My stance on politics

After long and hard thinking about politics, I have come up with a political philosophy. It's a short philosophy:

Ideology is bad.

I dislike ideologies in all forms: liberal, conservative, libertarian, whatever. Right at the moment, I think that the liberal/conservative divide is the single most harmful thing about American politics. Politicians don't seem to care about solving problems, they only want to know whether a particular idea is liberal or conservative, and then, presto, they are for/against it.

Ideologies are an excuse for people to avoid thinking. Once people adopt a political philosophy that has all of the answers, they stop thinking and start rationalizing. I find it difficult to take anybody's opinions seriously when it is clear that they started with the answers, and then worked backward to select facts that would support their views, and ignore facts that don't. Most people declaiming their opinions succeed primarily in convincing me that they are too stupid to understand any viewpoint other than their own.

In short, if you want me to take your opinions seriously, you will have to convince me that you in fact understand both sides of an issue.

Overall, I don't like people assuming that one opinion locates me at some point on a liberal/conservative scale-- I've never seen a logical reason why my opinion about, say, gun control ought to have some ideological correlation with my opinion about birth control. I'm not a liberal. I'm not a conservative. Mark me down as "other."

That's the major part of my political philosophy: thinking good; ideology bad.

For more of my opinions, the following points summarize my politics:

  1. Ditch the ideology, and tell me the facts.
  2. Freedom of speech is important.
    If there's one single point which is key to my political beliefs, it is an emphatic belief in free speech. Freedom of speech (and writing, and art) is critical to the free exchange of ideas, and any society that does not allow the free exchange of ideas will slide into totalitarianism. Yes, I do know the arguments against hate speech, against child pornography, against allowing terrorist to recruit on the internet, against several other good reasons that free speech shouldn't be unconditional. I understand and sympathize with them. But if anybody is given the power to decide that some particular form of speech is forbidden, this power is simply too easy to abuse. Or, to phrase it differently:
    Pay attention to the words you say when you try to curtail speech of people you don't like: they are the same words you will hear when others take away your right to speak.
    Freedom of speech is so important to me, that for a while I was considering listing this as the only political view I have. However, as somewhat less important subjects, here are the rest of my (hard thought-out) political opinions:
  3. Technology is a tool for solving problems. (I'm in favor of appropriate technology: that means the technology that is appropriate to the problem.)
  4. Prosperity is better than poverty.
    Or, to quote the campaign of a former president, it really is "the economy, stupid."
  5. We have a nice planet here, let's not destroy it.
  6. Democracy is good.
    (Winston Churchill said that democracy is absolutely the worst form of government, except for all the other forms of government which have been tried. I agree.)

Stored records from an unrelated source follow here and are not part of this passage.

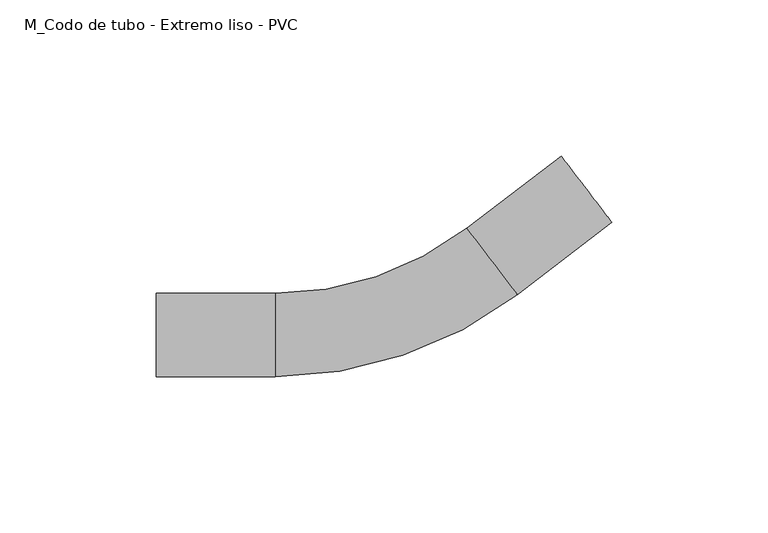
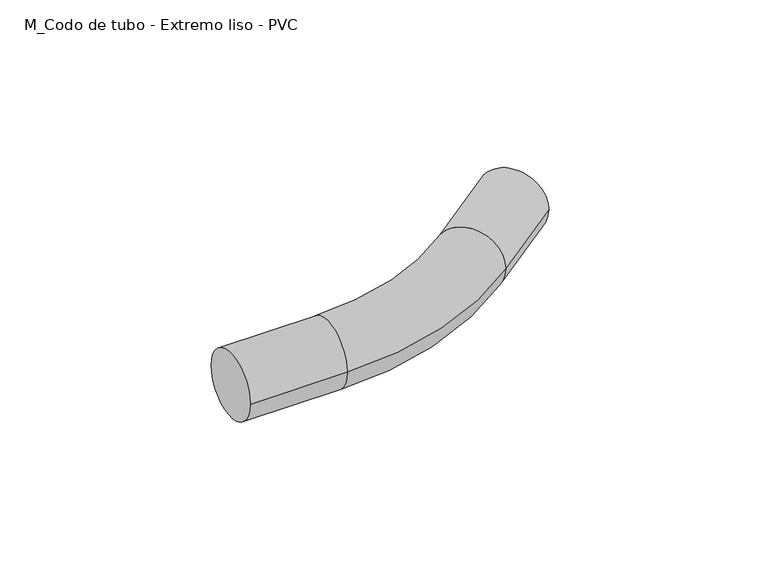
"""IFC4 building model written with IfcOpenShell, lengths in millimetres: cable carrier fitting geometry, M_Codo de tubo - Extremo liso - PVC : CODO POTENCIA."""

import ifcopenshell
import ifcopenshell.guid

model = None  # the IFC model being written
_history = None  # IfcOwnerHistory: only IFC2X3 demands one
_inside = {}  # id of a spatial element -> (the spatial element, [elements in it])
_under = {}  # id of a project, library or spatial element -> (it, [spatial elements below it])
_declared = {}  # id of a project -> (the project, [libraries it declares])
_typed = {}  # id of a type object -> (the type object, [elements of that type])
_made_of = {}  # id of a material, layer set ... -> (it, [elements and type objects made of it])


def new_model(schema):
    """Start an empty IFC model of exactly this schema.

    Asked for "IFC4X3", IfcOpenShell would pick the latest addendum, in which some entities
    have other attributes; the version numbers below select the first issue.
    IFC2X3 requires an IfcOwnerHistory on every rooted entity: one is made here for all.
    """
    global model, _history
    if schema == "IFC4X3":
        model = ifcopenshell.file(schema_version=(4, 3, 0, 0))
    else:
        model = ifcopenshell.file(schema=schema)
    _inside.clear()
    _under.clear()
    _declared.clear()
    _typed.clear()
    _made_of.clear()
    _history = None
    if model.schema == "IFC2X3":
        org = make("IfcOrganization", Name="unknown")
        user = make(
            "IfcPersonAndOrganization",
            ThePerson=make("IfcPerson", FamilyName="unknown"),
            TheOrganization=org,
        )
        app = make(
            "IfcApplication",
            ApplicationDeveloper=org,
            Version="unknown",
            ApplicationFullName="unknown",
            ApplicationIdentifier="unknown",
        )
        _history = make(
            "IfcOwnerHistory",
            OwningUser=user,
            OwningApplication=app,
            ChangeAction="ADDED",
            CreationDate=0,
        )
    return model


def make(cls, **values):
    """One entity of the class cls with the attributes given. An attribute that is None is left unset."""
    return model.create_entity(
        cls, **{name: value for name, value in values.items() if value is not None}
    )


def rooted(cls, **values):
    """An entity with a GlobalId (a new one), such as an element, a storey or a relation."""
    return make(cls, GlobalId=ifcopenshell.guid.new(), OwnerHistory=_history, **values)


def si_unit(unit_type, name, prefix=None):
    """IfcSIUnit, for example si_unit("LENGTHUNIT", "METRE", prefix="MILLI")."""
    return make("IfcSIUnit", UnitType=unit_type, Prefix=prefix, Name=name)


def assignment(units):
    """IfcUnitAssignment: the units of a project."""
    return None if units is None else make("IfcUnitAssignment", Units=units)


def point(xyz):
    """IfcCartesianPoint."""
    return None if xyz is None else make("IfcCartesianPoint", Coordinates=xyz)


def direction(xyz):
    """IfcDirection."""
    return None if xyz is None else make("IfcDirection", DirectionRatios=xyz)


def frame(location, z_axis=None, x_axis=None):
    """IfcAxis2Placement3D, a coordinate frame: its origin and axes. An axis left out is left unset."""
    return make(
        "IfcAxis2Placement3D",
        Location=point(location),
        Axis=direction(z_axis),
        RefDirection=direction(x_axis),
    )


def origin():
    """The frame at (0, 0, 0) with its axes left unset."""
    return frame((0.0, 0.0, 0.0))


def place(relative_to, where):
    """IfcLocalPlacement: puts the frame where relative to a parent placement (None: the world)."""
    return make(
        "IfcLocalPlacement", PlacementRelTo=relative_to, RelativePlacement=where
    )


def context(
    kind, dimensions, precision=None, world=None, true_north=None, identifier=None
):
    """IfcGeometricRepresentationContext, for example the 3D "Model" context."""
    return make(
        "IfcGeometricRepresentationContext",
        ContextIdentifier=identifier,
        ContextType=kind,
        CoordinateSpaceDimension=dimensions,
        Precision=precision,
        WorldCoordinateSystem=world,
        TrueNorth=true_north,
    )


def project(units=None, contexts=None):
    """IfcProject with its units and contexts."""
    return rooted(
        "IfcProject",
        Name="project",
        RepresentationContexts=contexts,
        UnitsInContext=assignment(units),
    )


def spatial(cls, under=None, at=None, **own):
    """A site, building, storey or space (cls), placed at a placement, below another one or the project."""
    s = rooted(cls, ObjectPlacement=at, **own)
    if under is not None:
        _under.setdefault(under.id(), (under, []))[1].append(s)
    return s


def circle_curve(where, radius):
    """IfcCircle in the frame where."""
    return make("IfcCircle", Position=where, Radius=radius)


def ellipse_curve(where, semi_axis1, semi_axis2):
    """IfcEllipse in the frame where."""
    return make(
        "IfcEllipse", Position=where, SemiAxis1=semi_axis1, SemiAxis2=semi_axis2
    )


def trimmed(basis, trim1, trim2, sense, master):
    """IfcTrimmedCurve: the piece of a basis curve between two trims."""
    return make(
        "IfcTrimmedCurve",
        BasisCurve=basis,
        Trim1=trim1,
        Trim2=trim2,
        SenseAgreement=sense,
        MasterRepresentation=master,
    )


def shape(context_of_items, identifier, shape_type, items):
    """IfcShapeRepresentation: the items that make up one representation, for example the "Body"."""
    return make(
        "IfcShapeRepresentation",
        ContextOfItems=context_of_items,
        RepresentationIdentifier=identifier,
        RepresentationType=shape_type,
        Items=items,
    )


def source(mapping_origin, context_of_items, identifier, shape_type, items):
    """IfcRepresentationMap: a shape defined once, which mapped items show again and again."""
    return make(
        "IfcRepresentationMap",
        MappingOrigin=mapping_origin,
        MappedRepresentation=shape(context_of_items, identifier, shape_type, items),
    )


def transform(
    local_origin,
    x_axis=None,
    y_axis=None,
    z_axis=None,
    scale=None,
    scale2=None,
    scale3=None,
    uniform=True,
):
    """IfcCartesianTransformationOperator3D, or its non-uniform kind. x_axis, y_axis, z_axis: its Axis1, 2, 3."""
    if uniform:
        return make(
            "IfcCartesianTransformationOperator3D",
            Axis1=direction(x_axis),
            Axis2=direction(y_axis),
            LocalOrigin=point(local_origin),
            Scale=scale,
            Axis3=direction(z_axis),
        )
    return make(
        "IfcCartesianTransformationOperator3DnonUniform",
        Axis1=direction(x_axis),
        Axis2=direction(y_axis),
        LocalOrigin=point(local_origin),
        Scale=scale,
        Axis3=direction(z_axis),
        Scale2=scale2,
        Scale3=scale3,
    )


def mapped(mapping_source, mapping_target):
    """IfcMappedItem: shows the shape of a source again, moved by a transform."""
    return make(
        "IfcMappedItem", MappingSource=mapping_source, MappingTarget=mapping_target
    )


def made_of(thing, what):
    """Note that an element or type object is made of a material, layer set ...; save() writes the relation."""
    if what is not None:
        _made_of.setdefault(what.id(), (what, []))[1].append(thing)
    return thing


def element(
    cls,
    number,
    at=None,
    inside=None,
    cuts=None,
    type_object=None,
    material=None,
    context=None,
    identifier="Body",
    shape_type=None,
    held_by="IfcProductDefinitionShape",
    body=None,
    shapes=None,
    **own,
):
    """One element of the class cls, such as IfcWall. Its Tag is "e" and its number.

    at: its placement. inside: the storey or other place that contains it. cuts: it is an
    opening in that element (IfcRelVoidsElement). A single representation is given by context,
    identifier, shape_type and body (its items); several are given by shapes. held_by: the class
    of the entity that holds the representations. save() writes the other relations.
    """
    e = rooted(cls, Tag="e%d" % number, ObjectPlacement=at, **own)
    if body is not None:
        shapes = [shape(context, identifier, shape_type, body)]
    if shapes is not None:
        e.Representation = make(held_by, Representations=shapes)
    if inside is not None:
        _inside.setdefault(inside.id(), (inside, []))[1].append(e)
    if cuts is not None:
        rooted(
            "IfcRelVoidsElement", RelatingBuildingElement=cuts, RelatedOpeningElement=e
        )
    if type_object is not None:
        _typed.setdefault(type_object.id(), (type_object, []))[1].append(e)
    return made_of(e, material)


def aggregate(whole, parts):
    """IfcRelAggregates: a whole, such as a stair, and the parts it consists of."""
    return rooted("IfcRelAggregates", RelatingObject=whole, RelatedObjects=parts)


def save(model, path):
    """Write the relations noted so far, then the file.

    IfcRelAggregates (storeys below a building ...), IfcRelContainedInSpatialStructure (elements
    in a storey), IfcRelDefinesByType, IfcRelAssociatesMaterial and IfcRelDeclares: one each for
    every whole, place, type object, material and project.
    """
    for whole, parts in _under.values():
        aggregate(whole, parts)
    for where, things in _inside.values():
        rooted(
            "IfcRelContainedInSpatialStructure",
            RelatedElements=things,
            RelatingStructure=where,
        )
    for kind, things in _typed.values():
        rooted("IfcRelDefinesByType", RelatedObjects=things, RelatingType=kind)
    for what, things in _made_of.values():
        rooted("IfcRelAssociatesMaterial", RelatedObjects=things, RelatingMaterial=what)
    for by, libraries in _declared.values():
        rooted("IfcRelDeclares", RelatingContext=by, RelatedDefinitions=libraries)
    model.write(path)


def plane_surface(at):
    """IfcPlane: the flat surface through the origin of the frame at, square to its z axis."""
    return make("IfcPlane", Position=at)


def cylinder_surface(at, radius):
    """IfcCylindricalSurface: all points at the distance radius from the z axis of the frame at."""
    return make("IfcCylindricalSurface", Position=at, Radius=radius)


def revolved_surface(curve, axis_point, axis_direction):
    """IfcSurfaceOfRevolution: the curve turned about the line through axis_point along axis_direction."""
    return make(
        "IfcSurfaceOfRevolution",
        SweptCurve=make("IfcArbitraryOpenProfileDef", ProfileType="CURVE", Curve=curve),
        AxisPosition=make("IfcAxis1Placement", Location=point(axis_point), Axis=direction(axis_direction)),
    )


def advanced_brep(points, edges, surfaces, faces):
    """IfcAdvancedBrep: a solid bounded by faces that lie on surfaces and meet in shared edges.

    An edge is (start, end): straight between two places in points (the first is 0);
    or (start, end, curve); or (start, end, curve, False) where it runs against its curve.
    A face is (place in surfaces, loops), or (place, loops, False) where it looks against
    its surface's normal. A loop lists edges by number (the first is 1), with a minus sign
    where the edge is run from its end to its start. The first loop is the outer one.
    """
    corners = [point(p) for p in points]
    vertices = [make("IfcVertexPoint", VertexGeometry=c) for c in corners]
    made = []
    for start, end, *more in edges:
        made.append(
            make(
                "IfcEdgeCurve",
                EdgeStart=vertices[start],
                EdgeEnd=vertices[end],
                EdgeGeometry=more[0] if more else make("IfcPolyline", Points=[corners[start], corners[end]]),
                SameSense=more[1] if len(more) > 1 else True,
            )
        )
    hull = []
    for where, loops, *sense in faces:
        bounds = []
        for j, loop in enumerate(loops):
            ring = [make("IfcOrientedEdge", EdgeElement=made[abs(k) - 1], Orientation=k > 0) for k in loop]
            bounds.append(
                make(
                    "IfcFaceOuterBound" if j == 0 else "IfcFaceBound",
                    Bound=make("IfcEdgeLoop", EdgeList=ring),
                    Orientation=True,
                )
            )
        hull.append(make("IfcAdvancedFace", Bounds=bounds, FaceSurface=surfaces[where], SameSense=sense[0] if sense else True))
    return make("IfcAdvancedBrep", Outer=make("IfcClosedShell", CfsFaces=hull))


def m_codo_de_tubo_extremo_liso_pvc_a9b8cca8(model_context):
    return source(origin(), model_context, "Body", "AdvancedBrep", [
        advanced_brep(
        [(-76.7651191, -13.335, 0.0), (-76.7651191, 13.335, 0.0), (-38.6651191, -13.335, 0.0), (-38.6651191, 13.335, 0.0), (22.6292418, 34.0695036, 0.0), (38.820205, 12.8765423, 0.0), (69.095864, 36.0064898, 0.0), (52.9049008, 57.1994511, 0.0)],
        [
            (0, 1, circle_curve(frame((-76.7651191, 0.0, 0.0), z_axis=(-1.0, 0.0, 0.0), x_axis=(0.0, 1.0, 0.0)), 13.335)),
            (1, 0, circle_curve(frame((-76.7651191, 0.0, 0.0), z_axis=(-1.0, 0.0, 0.0), x_axis=(0.0, 1.0, 0.0)), 13.335)),
            (0, 2),
            (2, 3, circle_curve(frame((-38.6651191, 0.0, 0.0), z_axis=(-1.0, 0.0, 0.0), x_axis=(0.0, 1.0, 0.0)), 13.335)),
            (3, 1),
            (3, 2, circle_curve(frame((-38.6651191, 0.0, 0.0), z_axis=(-1.0, 0.0, 0.0), x_axis=(0.0, 1.0, 0.0)), 13.335)),
            (4, 3, circle_curve(frame((-38.6651191, 114.3, 0.0), z_axis=(0.0, 0.0, -1.0), x_axis=(0.0, -1.0, 0.0)), 100.965)),
            (2, 5, circle_curve(frame((-38.6651191, 114.3, 0.0), z_axis=(0.0, 0.0, 1.0), x_axis=(0.0, -1.0, 0.0)), 127.635)),
            (5, 4, circle_curve(frame((30.7247234, 23.4730229, 0.0), z_axis=(-0.794636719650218, -0.6070852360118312, 0.0), x_axis=(-0.6070852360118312, 0.794636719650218, 0.0)), 13.335)),
            (4, 5, circle_curve(frame((30.7247234, 23.4730229, 0.0), z_axis=(-0.7946367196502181, -0.6070852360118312, 0.0), x_axis=(-0.6070852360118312, 0.7946367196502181, 0.0)), 13.335)),
            (6, 7, circle_curve(frame((61.0003824, 46.6029704, 0.0), z_axis=(0.7946367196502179, 0.6070852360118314, 0.0), x_axis=(-0.6070852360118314, 0.7946367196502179, 0.0)), 13.335)),
            (7, 6, circle_curve(frame((61.0003824, 46.6029704, 0.0), z_axis=(0.7946367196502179, 0.6070852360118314, 0.0), x_axis=(-0.6070852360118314, 0.7946367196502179, 0.0)), 13.335)),
            (5, 6),
            (7, 4),
        ],
        [
            plane_surface(frame((-76.7651191, 0.0, 0.0), z_axis=(-1.0, 0.0, 0.0), x_axis=(0.0, 0.0, 1.0))),
            cylinder_surface(frame((-76.7651191, 0.0, 0.0), z_axis=(-1.0, 0.0, 0.0), x_axis=(0.0, 1.0, 0.0)), 13.335),
            revolved_surface(trimmed(ellipse_curve(frame((-38.6651191, 0.0, 0.0), z_axis=(-1.0, 0.0, 0.0), x_axis=(0.0, 1.0, 0.0)), 13.335, 13.335), [point((-38.6651191, -13.335, 0.0))], [point((-38.6651191, 13.335, 0.0))], True, "CARTESIAN"), (-38.6651191, 114.3, 0.0), (0.0, 0.0, 1.0)),
            revolved_surface(trimmed(ellipse_curve(frame((-38.6651191, 0.0, 0.0), z_axis=(-1.0, 0.0, 0.0), x_axis=(0.0, 1.0, 0.0)), 13.335, 13.335), [point((-38.6651191, 13.335, 0.0))], [point((-38.6651191, -13.335, 0.0))], True, "CARTESIAN"), (-38.6651191, 114.3, 0.0), (0.0, 0.0, 1.0)),
            plane_surface(frame((61.0003824, 46.6029704, 0.0), z_axis=(0.794636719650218, 0.6070852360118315, 0.0), x_axis=(0.0, 0.0, 1.0))),
            cylinder_surface(frame((30.7247234, 23.4730229, 0.0), z_axis=(-0.7946367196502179, -0.6070852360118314, 0.0), x_axis=(-0.6070852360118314, 0.7946367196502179, 0.0)), 13.335),
        ],
        [
            (0, [[1, 2]]),
            (1, [[-1, 3, 4, 5]]),
            (1, [[-2, -5, 6, -3]]),
            (2, [[7, -4, 8, 9]]),
            (3, [[-8, -6, -7, 10]]),
            (4, [[11, 12]]),
            (5, [[-9, 13, -12, 14]]),
            (5, [[-10, -14, -11, -13]]),
        ],
    ),
    ])


if __name__ == "__main__":
    model = new_model("IFC4")
    model_context = context("Model", 3, world=origin())
    ifc_project = project(units=[si_unit("LENGTHUNIT", "METRE", prefix="MILLI")], contexts=[model_context])
    site = spatial("IfcSite", under=ifc_project)
    building = spatial("IfcBuilding", under=site)
    placement = place(None, origin())
    m_codo_de_tubo_extremo_liso_pvc_shape = m_codo_de_tubo_extremo_liso_pvc_a9b8cca8(model_context)
    element("IfcCableCarrierFitting", 1, ObjectType="M_Codo de tubo - Extremo liso - PVC : CODO POTENCIA", at=placement, inside=building, context=model_context, shape_type="MappedRepresentation", body=[
        mapped(m_codo_de_tubo_extremo_liso_pvc_shape, transform((0.0, 0.0, 0.0), x_axis=(1.0, 0.0, 0.0), y_axis=(0.0, 1.0, 0.0), z_axis=(0.0, 0.0, 1.0))),
    ])
    save(model, "model.ifc")

From these main points, you can pretty much triangulate my views on other subjects.

One more thing: Wanting something to be true doesn't make it true.

Current events

Here in the United States, the "war against terror" has me badly scared. Free speech and fair, open trials are two of the things that I think makes America great, and I'm horrified at the way that these ideals have been abandoned in the urgency of the moment. Ben Franklin said that people who give up essential liberty for temporary security won't get either one, and I think that fair, open trials are an essential part of American liberty. Secret trials are the signature of a dictatorship, and freedom of the press is what keeps us free. When the administration told us that it was going to take these freedoms away to stop terrorism, how come nobody objected? It's almost enough to get me to hold my nose and join the American Civil Liberties Union. I'm really thinking about it.

This is important: Pay attention to the words that you hear yourself saying when you justify why you should take away the rights and free speech of people you think are your enemies. You're going to hear these words again, when they take away your rights.